Supplied records ::
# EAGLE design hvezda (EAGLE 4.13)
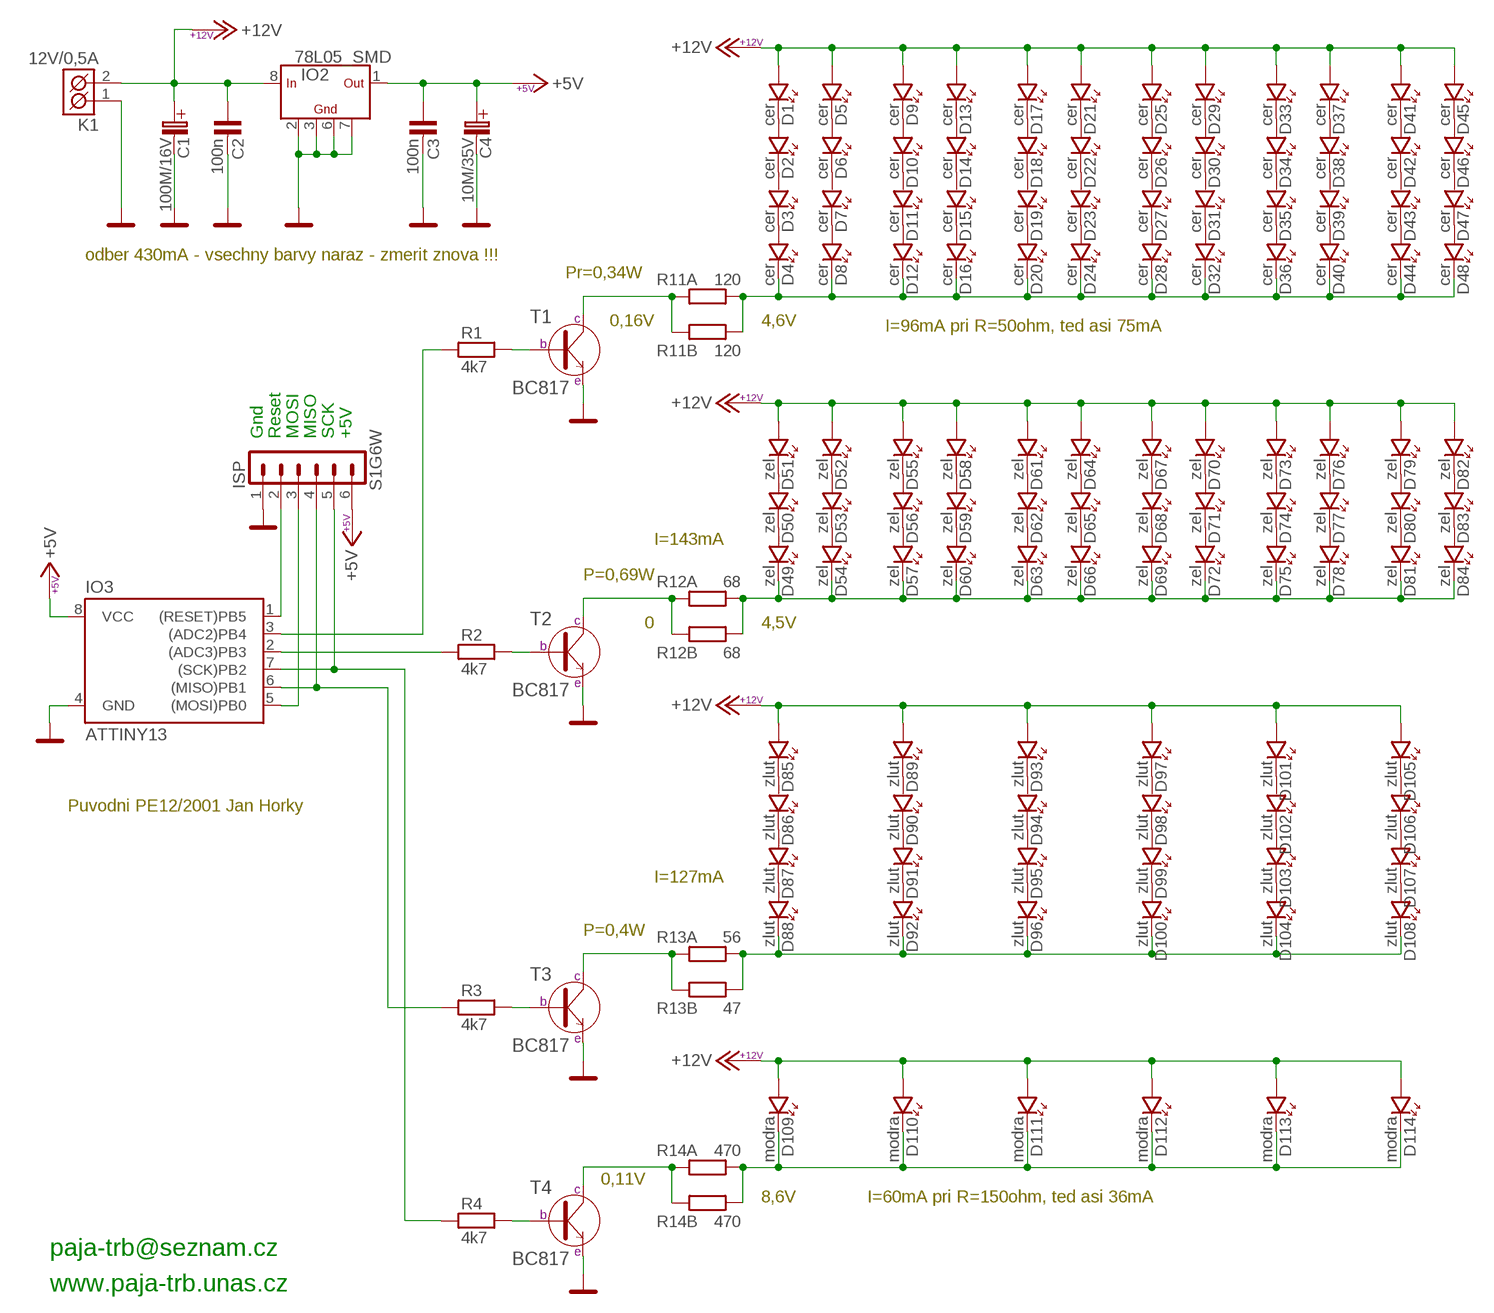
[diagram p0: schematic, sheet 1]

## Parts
C1  100M/16V  100M/16V_SMD  [C_EL-SMD_D]
C2  100n  C-KERAMIK_SMD_1206  [1206]
C3  100n  C-KERAMIK_SMD_1206  [1206]
C4  10M/35V  10M/35V_SMD  [C_EL-SMD_C]
D1  cer  LED_SMD_1206  [P1206]
D2  cer  LED_SMD_1206  [P1206]
D3  cer  LED_SMD_1206  [P1206]
D4  cer  LED_SMD_1206  [P1206]
D5  cer  LED_SMD_1206  [P1206]
D6  cer  LED_SMD_1206  [P1206]
D7  cer  LED_SMD_1206  [P1206]
D8  cer  LED_SMD_1206  [P1206]
D9  cer  LED_SMD_1206  [P1206]
D10  cer  LED_SMD_1206  [P1206]
D11  cer  LED_SMD_1206  [P1206]
D12  cer  LED_SMD_1206  [P1206]
D13  cer  LED_SMD_1206  [P1206]
D14  cer  LED_SMD_1206  [P1206]
D15  cer  LED_SMD_1206  [P1206]
D16  cer  LED_SMD_1206  [P1206]
D17  cer  LED_SMD_1206  [P1206]
D18  cer  LED_SMD_1206  [P1206]
D19  cer  LED_SMD_1206  [P1206]
D20  cer  LED_SMD_1206  [P1206]
D21  cer  LED_SMD_1206  [P1206]
D22  cer  LED_SMD_1206  [P1206]
D23  cer  LED_SMD_1206  [P1206]
D24  cer  LED_SMD_1206  [P1206]
D25  cer  LED_SMD_1206  [P1206]
D26  cer  LED_SMD_1206  [P1206]
D27  cer  LED_SMD_1206  [P1206]
D28  cer  LED_SMD_1206  [P1206]
D29  cer  LED_SMD_1206  [P1206]
D30  cer  LED_SMD_1206  [P1206]
D31  cer  LED_SMD_1206  [P1206]
D32  cer  LED_SMD_1206  [P1206]
D33  cer  LED_SMD_1206  [P1206]
D34  cer  LED_SMD_1206  [P1206]
D35  cer  LED_SMD_1206  [P1206]
D36  cer  LED_SMD_1206  [P1206]
D37  cer  LED_SMD_1206  [P1206]
D38  cer  LED_SMD_1206  [P1206]
D39  cer  LED_SMD_1206  [P1206]
D40  cer  LED_SMD_1206  [P1206]
D41  cer  LED_SMD_1206  [P1206]
D42  cer  LED_SMD_1206  [P1206]
D43  cer  LED_SMD_1206  [P1206]
D44  cer  LED_SMD_1206  [P1206]
D45  cer  LED_SMD_1206  [P1206]
D46  cer  LED_SMD_1206  [P1206]
D47  cer  LED_SMD_1206  [P1206]
D48  cer  LED_SMD_1206  [P1206]
D49  zel  LED_SMD_1206  [P1206]
D50  zel  LED_SMD_1206  [P1206]
D51  zel  LED_SMD_1206  [P1206]
D52  zel  LED_SMD_1206  [P1206]
D53  zel  LED_SMD_1206  [P1206]
D54  zel  LED_SMD_1206  [P1206]
D55  zel  LED_SMD_1206  [P1206]
D56  zel  LED_SMD_1206  [P1206]
D57  zel  LED_SMD_1206  [P1206]
D58  zel  LED_SMD_1206  [P1206]
D59  zel  LED_SMD_1206  [P1206]
D60  zel  LED_SMD_1206  [P1206]
D61  zel  LED_SMD_1206  [P1206]
D62  zel  LED_SMD_1206  [P1206]
D63  zel  LED_SMD_1206  [P1206]
D64  zel  LED_SMD_1206  [P1206]
D65  zel  LED_SMD_1206  [P1206]
D66  zel  LED_SMD_1206  [P1206]
D67  zel  LED_SMD_1206  [P1206]
D68  zel  LED_SMD_1206  [P1206]
D69  zel  LED_SMD_1206  [P1206]
D70  zel  LED_SMD_1206  [P1206]
D71  zel  LED_SMD_1206  [P1206]
D72  zel  LED_SMD_1206  [P1206]
D73  zel  LED_SMD_1206  [P1206]
D74  zel  LED_SMD_1206  [P1206]
D75  zel  LED_SMD_1206  [P1206]
D76  zel  LED_SMD_1206  [P1206]
D77  zel  LED_SMD_1206  [P1206]
D78  zel  LED_SMD_1206  [P1206]
D79  zel  LED_SMD_1206  [P1206]
D80  zel  LED_SMD_1206  [P1206]
D81  zel  LED_SMD_1206  [P1206]
D82  zel  LED_SMD_1206  [P1206]
D83  zel  LED_SMD_1206  [P1206]
D84  zel  LED_SMD_1206  [P1206]
D85  zlut  LED_SMD_1206  [P1206]
D86  zlut  LED_SMD_1206  [P1206]
D87  zlut  LED_SMD_1206  [P1206]
D88  zlut  LED_SMD_1206  [P1206]
D89  zlut  LED_SMD_1206  [P1206]
D90  zlut  LED_SMD_1206  [P1206]
D91  zlut  LED_SMD_1206  [P1206]
D92  zlut  LED_SMD_1206  [P1206]
D93  zlut  LED_SMD_1206  [P1206]
D94  zlut  LED_SMD_1206  [P1206]
D95  zlut  LED_SMD_1206  [P1206]
D96  zlut  LED_SMD_1206  [P1206]
D97  zlut  LED_SMD_1206  [P1206]
D98  zlut  LED_SMD_1206  [P1206]
D99  zlut  LED_SMD_1206  [P1206]
D100  zlut  LED_SMD_1206  [P1206]
D101  zlut  LED_SMD_1206  [P1206]
D102  zlut  LED_SMD_1206  [P1206]
D103  zlut  LED_SMD_1206  [P1206]
D104  zlut  LED_SMD_1206  [P1206]
D105  zlut  LED_SMD_1206  [P1206]
D106  zlut  LED_SMD_1206  [P1206]
D107  zlut  LED_SMD_1206  [P1206]
D108  zlut  LED_SMD_1206  [P1206]
D109  modra  LED_SMD_1206  [P1206]
D110  modra  LED_SMD_1206  [P1206]
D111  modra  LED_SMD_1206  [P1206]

Aim of the task ::
Please reproduce all the material exactly. Pictures stay out of the copy.

Solved exercise ::
# EAGLE design hvezda (EAGLE 4.13)
[diagram p0: schematic, sheet 1]

## Parts
C1  100M/16V  100M/16V_SMD  [C_EL-SMD_D]
C2  100n  C-KERAMIK_SMD_1206  [1206]
C3  100n  C-KERAMIK_SMD_1206  [1206]
C4  10M/35V  10M/35V_SMD  [C_EL-SMD_C]
D1  cer  LED_SMD_1206  [P1206]
D2  cer  LED_SMD_1206  [P1206]
D3  cer  LED_SMD_1206  [P1206]
D4  cer  LED_SMD_1206  [P1206]
D5  cer  LED_SMD_1206  [P1206]
D6  cer  LED_SMD_1206  [P1206]
D7  cer  LED_SMD_1206  [P1206]
D8  cer  LED_SMD_1206  [P1206]
D9  cer  LED_SMD_1206  [P1206]
D10  cer  LED_SMD_1206  [P1206]
D11  cer  LED_SMD_1206  [P1206]
D12  cer  LED_SMD_1206  [P1206]
D13  cer  LED_SMD_1206  [P1206]
D14  cer  LED_SMD_1206  [P1206]
D15  cer  LED_SMD_1206  [P1206]
D16  cer  LED_SMD_1206  [P1206]
D17  cer  LED_SMD_1206  [P1206]
D18  cer  LED_SMD_1206  [P1206]
D19  cer  LED_SMD_1206  [P1206]
D20  cer  LED_SMD_1206  [P1206]
D21  cer  LED_SMD_1206  [P1206]
D22  cer  LED_SMD_1206  [P1206]
D23  cer  LED_SMD_1206  [P1206]
D24  cer  LED_SMD_1206  [P1206]
D25  cer  LED_SMD_1206  [P1206]
D26  cer  LED_SMD_1206  [P1206]
D27  cer  LED_SMD_1206  [P1206]
D28  cer  LED_SMD_1206  [P1206]
D29  cer  LED_SMD_1206  [P1206]
D30  cer  LED_SMD_1206  [P1206]
D31  cer  LED_SMD_1206  [P1206]
D32  cer  LED_SMD_1206  [P1206]
D33  cer  LED_SMD_1206  [P1206]
D34  cer  LED_SMD_1206  [P1206]
D35  cer  LED_SMD_1206  [P1206]
D36  cer  LED_SMD_1206  [P1206]
D37  cer  LED_SMD_1206  [P1206]
D38  cer  LED_SMD_1206  [P1206]
D39  cer  LED_SMD_1206  [P1206]
D40  cer  LED_SMD_1206  [P1206]
D41  cer  LED_SMD_1206  [P1206]
D42  cer  LED_SMD_1206  [P1206]
D43  cer  LED_SMD_1206  [P1206]
D44  cer  LED_SMD_1206  [P1206]
D45  cer  LED_SMD_1206  [P1206]
D46  cer  LED_SMD_1206  [P1206]
D47  cer  LED_SMD_1206  [P1206]
D48  cer  LED_SMD_1206  [P1206]
D49  zel  LED_SMD_1206  [P1206]
D50  zel  LED_SMD_1206  [P1206]
D51  zel  LED_SMD_1206  [P1206]
D52  zel  LED_SMD_1206  [P1206]
D53  zel  LED_SMD_1206  [P1206]
D54  zel  LED_SMD_1206  [P1206]
D55  zel  LED_SMD_1206  [P1206]
D56  zel  LED_SMD_1206  [P1206]
D57  zel  LED_SMD_1206  [P1206]
D58  zel  LED_SMD_1206  [P1206]
D59  zel  LED_SMD_1206  [P1206]
D60  zel  LED_SMD_1206  [P1206]
D61  zel  LED_SMD_1206  [P1206]
D62  zel  LED_SMD_1206  [P1206]
D63  zel  LED_SMD_1206  [P1206]
D64  zel  LED_SMD_1206  [P1206]
D65  zel  LED_SMD_1206  [P1206]
D66  zel  LED_SMD_1206  [P1206]
D67  zel  LED_SMD_1206  [P1206]
D68  zel  LED_SMD_1206  [P1206]
D69  zel  LED_SMD_1206  [P1206]
D70  zel  LED_SMD_1206  [P1206]
D71  zel  LED_SMD_1206  [P1206]
D72  zel  LED_SMD_1206  [P1206]
D73  zel  LED_SMD_1206  [P1206]
D74  zel  LED_SMD_1206  [P1206]
D75  zel  LED_SMD_1206  [P1206]
D76  zel  LED_SMD_1206  [P1206]
D77  zel  LED_SMD_1206  [P1206]
D78  zel  LED_SMD_1206  [P1206]
D79  zel  LED_SMD_1206  [P1206]
D80  zel  LED_SMD_1206  [P1206]
D81  zel  LED_SMD_1206  [P1206]
D82  zel  LED_SMD_1206  [P1206]
D83  zel  LED_SMD_1206  [P1206]
D84  zel  LED_SMD_1206  [P1206]
D85  zlut  LED_SMD_1206  [P1206]
D86  zlut  LED_SMD_1206  [P1206]
D87  zlut  LED_SMD_1206  [P1206]
D88  zlut  LED_SMD_1206  [P1206]
D89  zlut  LED_SMD_1206  [P1206]
D90  zlut  LED_SMD_1206  [P1206]
D91  zlut  LED_SMD_1206  [P1206]
D92  zlut  LED_SMD_1206  [P1206]
D93  zlut  LED_SMD_1206  [P1206]
D94  zlut  LED_SMD_1206  [P1206]
D95  zlut  LED_SMD_1206  [P1206]
D96  zlut  LED_SMD_1206  [P1206]
D97  zlut  LED_SMD_1206  [P1206]
D98  zlut  LED_SMD_1206  [P1206]
D99  zlut  LED_SMD_1206  [P1206]
D100  zlut  LED_SMD_1206  [P1206]
D101  zlut  LED_SMD_1206  [P1206]
D102  zlut  LED_SMD_1206  [P1206]
D103  zlut  LED_SMD_1206  [P1206]
D104  zlut  LED_SMD_1206  [P1206]
D105  zlut  LED_SMD_1206  [P1206]
D106  zlut  LED_SMD_1206  [P1206]
D107  zlut  LED_SMD_1206  [P1206]
D108  zlut  LED_SMD_1206  [P1206]
D109  modra  LED_SMD_1206  [P1206]
D110  modra  LED_SMD_1206  [P1206]
D111  modra  LED_SMD_1206  [P1206]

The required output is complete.